### PROBLEM STATEMENT
Without the pictures, print the lines running from the beginning of the material to the line containing "elements below it])", both ends included.

### SOURCE MATERIAL
------------

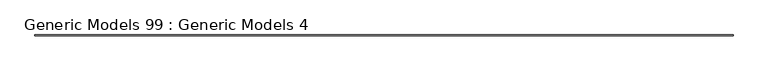
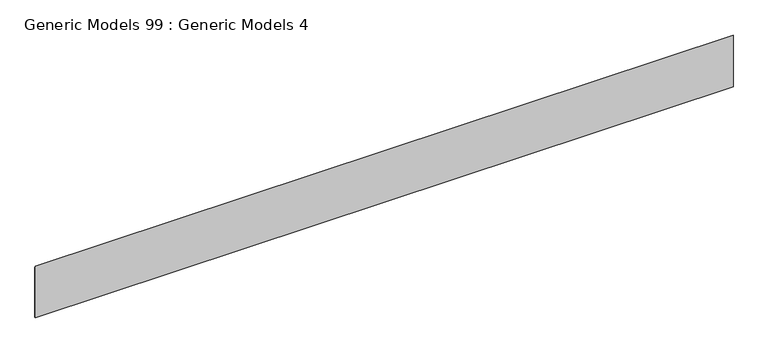
"""IFC4 building model written with IfcOpenShell, lengths in millimetres: proxy geometry, Generic Models 99 : Generic Models 4."""

import ifcopenshell
import ifcopenshell.guid

model = None  # the IFC model being written
_history = None  # IfcOwnerHistory: only IFC2X3 demands one
_inside = {}  # id of a spatial element -> (the spatial element, [elements in it])
_under = {}  # id of a project, library or spatial element -> (it, [spatial elements below it])
_declared = {}  # id of a project -> (the project, [libraries it declares])
_typed = {}  # id of a type object -> (the type object, [elements of that type])
_made_of = {}  # id of a material, layer set ... -> (it, [elements and type objects made of it])


def new_model(schema):
    """Start an empty IFC model of exactly this schema.

    Asked for "IFC4X3", IfcOpenShell would pick the latest addendum, in which some entities
    have other attributes; the version numbers below select the first issue.
    IFC2X3 requires an IfcOwnerHistory on every rooted entity: one is made here for all.
    """
    global model, _history
    if schema == "IFC4X3":
        model = ifcopenshell.file(schema_version=(4, 3, 0, 0))
    else:
        model = ifcopenshell.file(schema=schema)
    _inside.clear()
    _under.clear()
    _declared.clear()
    _typed.clear()
    _made_of.clear()
    _history = None
    if model.schema == "IFC2X3":
        org = make("IfcOrganization", Name="unknown")
        user = make(
            "IfcPersonAndOrganization",
            ThePerson=make("IfcPerson", FamilyName="unknown"),
            TheOrganization=org,
        )
        app = make(
            "IfcApplication",
            ApplicationDeveloper=org,
            Version="unknown",
            ApplicationFullName="unknown",
            ApplicationIdentifier="unknown",
        )
        _history = make(
            "IfcOwnerHistory",
            OwningUser=user,
            OwningApplication=app,
            ChangeAction="ADDED",
            CreationDate=0,
        )
    return model


def make(cls, **values):
    """One entity of the class cls with the attributes given. An attribute that is None is left unset."""
    return model.create_entity(
        cls, **{name: value for name, value in values.items() if value is not None}
    )


def rooted(cls, **values):
    """An entity with a GlobalId (a new one), such as an element, a storey or a relation."""
    return make(cls, GlobalId=ifcopenshell.guid.new(), OwnerHistory=_history, **values)


def si_unit(unit_type, name, prefix=None):
    """IfcSIUnit, for example si_unit("LENGTHUNIT", "METRE", prefix="MILLI")."""
    return make("IfcSIUnit", UnitType=unit_type, Prefix=prefix, Name=name)


def assignment(units):
    """IfcUnitAssignment: the units of a project."""
    return None if units is None else make("IfcUnitAssignment", Units=units)


def point(xyz):
    """IfcCartesianPoint."""
    return None if xyz is None else make("IfcCartesianPoint", Coordinates=xyz)


def direction(xyz):
    """IfcDirection."""
    return None if xyz is None else make("IfcDirection", DirectionRatios=xyz)


def frame(location, z_axis=None, x_axis=None):
    """IfcAxis2Placement3D, a coordinate frame: its origin and axes. An axis left out is left unset."""
    return make(
        "IfcAxis2Placement3D",
        Location=point(location),
        Axis=direction(z_axis),
        RefDirection=direction(x_axis),
    )


def origin():
    """The frame at (0, 0, 0) with its axes left unset."""
    return frame((0.0, 0.0, 0.0))


def place(relative_to, where):
    """IfcLocalPlacement: puts the frame where relative to a parent placement (None: the world)."""
    return make(
        "IfcLocalPlacement", PlacementRelTo=relative_to, RelativePlacement=where
    )


def context(
    kind, dimensions, precision=None, world=None, true_north=None, identifier=None
):
    """IfcGeometricRepresentationContext, for example the 3D "Model" context."""
    return make(
        "IfcGeometricRepresentationContext",
        ContextIdentifier=identifier,
        ContextType=kind,
        CoordinateSpaceDimension=dimensions,
        Precision=precision,
        WorldCoordinateSystem=world,
        TrueNorth=true_north,
    )


def project(units=None, contexts=None):
    """IfcProject with its units and contexts."""
    return rooted(
        "IfcProject",
        Name="project",
        RepresentationContexts=contexts,
        UnitsInContext=assignment(units),
    )


def spatial(cls, under=None, at=None, **own):
    """A site, building, storey or space (cls), placed at a placement, below another one or the project."""
    s = rooted(cls, ObjectPlacement=at, **own)
    if under is not None:
        _under.setdefault(under.id(), (under, []))[1].append(s)
    return s


def polyline(points):
    """IfcPolyline through the points."""
    return make("IfcPolyline", Points=[point(p) for p in points])


def outline(outer, holes=None, kind="AREA"):
    """IfcArbitraryClosedProfileDef: a profile drawn as a closed curve; with holes, ...WithVoids."""
    if holes is None:
        return make("IfcArbitraryClosedProfileDef", ProfileType=kind, OuterCurve=outer)
    return make(
        "IfcArbitraryProfileDefWithVoids",
        ProfileType=kind,
        OuterCurve=outer,
        InnerCurves=holes,
    )


def extrude(swept, where, along, depth):
    """IfcExtrudedAreaSolid: the profile swept, set in the frame where, extruded along a direction by depth."""
    return make(
        "IfcExtrudedAreaSolid",
        SweptArea=swept,
        Position=where,
        ExtrudedDirection=direction(along),
        Depth=depth,
    )


def shape(context_of_items, identifier, shape_type, items):
    """IfcShapeRepresentation: the items that make up one representation, for example the "Body"."""
    return make(
        "IfcShapeRepresentation",
        ContextOfItems=context_of_items,
        RepresentationIdentifier=identifier,
        RepresentationType=shape_type,
        Items=items,
    )


def source(mapping_origin, context_of_items, identifier, shape_type, items):
    """IfcRepresentationMap: a shape defined once, which mapped items show again and again."""
    return make(
        "IfcRepresentationMap",
        MappingOrigin=mapping_origin,
        MappedRepresentation=shape(context_of_items, identifier, shape_type, items),
    )


def transform(
    local_origin,
    x_axis=None,
    y_axis=None,
    z_axis=None,
    scale=None,
    scale2=None,
    scale3=None,
    uniform=True,
):
    """IfcCartesianTransformationOperator3D, or its non-uniform kind. x_axis, y_axis, z_axis: its Axis1, 2, 3."""
    if uniform:
        return make(
            "IfcCartesianTransformationOperator3D",
            Axis1=direction(x_axis),
            Axis2=direction(y_axis),
            LocalOrigin=point(local_origin),
            Scale=scale,
            Axis3=direction(z_axis),
        )
    return make(
        "IfcCartesianTransformationOperator3DnonUniform",
        Axis1=direction(x_axis),
        Axis2=direction(y_axis),
        LocalOrigin=point(local_origin),
        Scale=scale,
        Axis3=direction(z_axis),
        Scale2=scale2,
        Scale3=scale3,
    )


def mapped(mapping_source, mapping_target):
    """IfcMappedItem: shows the shape of a source again, moved by a transform."""
    return make(
        "IfcMappedItem", MappingSource=mapping_source, MappingTarget=mapping_target
    )


def made_of(thing, what):
    """Note that an element or type object is made of a material, layer set ...; save() writes the relation."""
    if what is not None:
        _made_of.setdefault(what.id(), (what, []))[1].append(thing)
    return thing


def element(
    cls,
    number,
    at=None,
    inside=None,
    cuts=None,
    type_object=None,
    material=None,
    context=None,
    identifier="Body",
    shape_type=None,
    held_by="IfcProductDefinitionShape",
    body=None,
    shapes=None,
    **own,
):
    """One element of the class cls, such as IfcWall. Its Tag is "e" and its number.

    at: its placement. inside: the storey or other place that contains it. cuts: it is an
    opening in that element (IfcRelVoidsElement). A single representation is given by context,
    identifier, shape_type and body (its items); several are given by shapes. held_by: the class
    of the entity that holds the representations. save() writes the other relations.
    """
    e = rooted(cls, Tag="e%d" % number, ObjectPlacement=at, **own)
    if body is not None:
        shapes = [shape(context, identifier, shape_type, body)]
    if shapes is not None:
        e.Representation = make(held_by, Representations=shapes)
    if inside is not None:
        _inside.setdefault(inside.id(), (inside, []))[1].append(e)
    if cuts is not None:
        rooted(
            "IfcRelVoidsElement", RelatingBuildingElement=cuts, RelatedOpeningElement=e
        )
    if type_object is not None:
        _typed.setdefault(type_object.id(), (type_object, []))[1].append(e)
    return made_of(e, material)


def aggregate(whole, parts):
    """IfcRelAggregates: a whole, such as a stair, and the parts it consists of."""
    return rooted("IfcRelAggregates", RelatingObject=whole, RelatedObjects=parts)


def save(model, path):
    """Write the relations noted so far, then the file.

    IfcRelAggregates (storeys below a building ...), IfcRelContainedInSpatialStructure (elements
    in a storey), IfcRelDefinesByType, IfcRelAssociatesMaterial and IfcRelDeclares: one each for
    every whole, place, type object, material and project.
    """
    for whole, parts in _under.values():
        aggregate(whole, parts)
    for where, things in _inside.values():
        rooted(
            "IfcRelContainedInSpatialStructure",
            RelatedElements=things,
            RelatingStructure=where,
        )
    for kind, things in _typed.values():
        rooted("IfcRelDefinesByType", RelatedObjects=things, RelatingType=kind)
    for what, things in _made_of.values():
        rooted("IfcRelAssociatesMaterial", RelatedObjects=things, RelatingMaterial=what)
    for by, libraries in _declared.values():
        rooted("IfcRelDeclares", RelatingContext=by, RelatedDefinitions=libraries)
    model.write(path)


def generic_models_99_generic_models_4_d8dff29c(model_context):
    return source(origin(), model_context, "Body", "SweptSolid", [
        extrude(outline(polyline([(51291.6637962, 127106.7707574), (51291.6637962, 125692.9395983), (51272.5226718, 125692.9395983), (51272.5226718, 127144.0455785), (51291.6637962, 127106.7707574)])), frame((-20795.7733045, 0.0, 0.0), z_axis=(1.0, 0.0, 0.0), x_axis=(0.0, 1.0, 0.0)), (0.0, 0.0, 1.0), 18643.6),
    ])


if __name__ == "__main__":
    model = new_model("IFC4")
    model_context = context("Model", 3, world=origin())
    ifc_project = project(units=[si_unit("LENGTHUNIT", "METRE", prefix="MILLI")], contexts=[model_context])
    site = spatial("IfcSite", under=ifc_project)
    building = spatial("IfcBuilding", under=site)
    placement = place(None, origin())
    generic_models_99_generic_models_4_shape = generic_models_99_generic_models_4_d8dff29c(model_context)
    element("IfcBuildingElementProxy", 1, Name="Generic Models 99 : Generic Models 4", ObjectType="Generic Models 99 : Generic Models 4", at=placement, inside=building, context=model_context, shape_type="MappedRepresentation", body=[
        mapped(generic_models_99_generic_models_4_shape, transform((0.0, 0.0, 0.0), x_axis=(1.0, 0.0, 0.0), y_axis=(0.0, 1.0, 0.0), z_axis=(0.0, 0.0, 1.0))),
    ])
    save(model, "model.ifc")

# Revit data of these elements
# Element 1 (IfcBuildingElementProxy, "Generic Models 99 : Generic Models 4")
#   Materials on its faces: "_7/8\" SMOOTH TROWEL EXTERIOR STUCCO (COLOR PER OWNER)"
# Materials
#   "_7/8\" SMOOTH TROWEL EXTERIOR STUCCO (COLOR PER OWNER)": class "Generic", colour RGB 233 233 233, transparency 0, Cost = 0

------------

### TASK ANSWER
"""IFC4 building model written with IfcOpenShell, lengths in millimetres: proxy geometry, Generic Models 99 : Generic Models 4."""

import ifcopenshell
import ifcopenshell.guid

model = None  # the IFC model being written
_history = None  # IfcOwnerHistory: only IFC2X3 demands one
_inside = {}  # id of a spatial element -> (the spatial element, [elements in it])
_under = {}  # id of a project, library or spatial element -> (it, [spatial elements below it])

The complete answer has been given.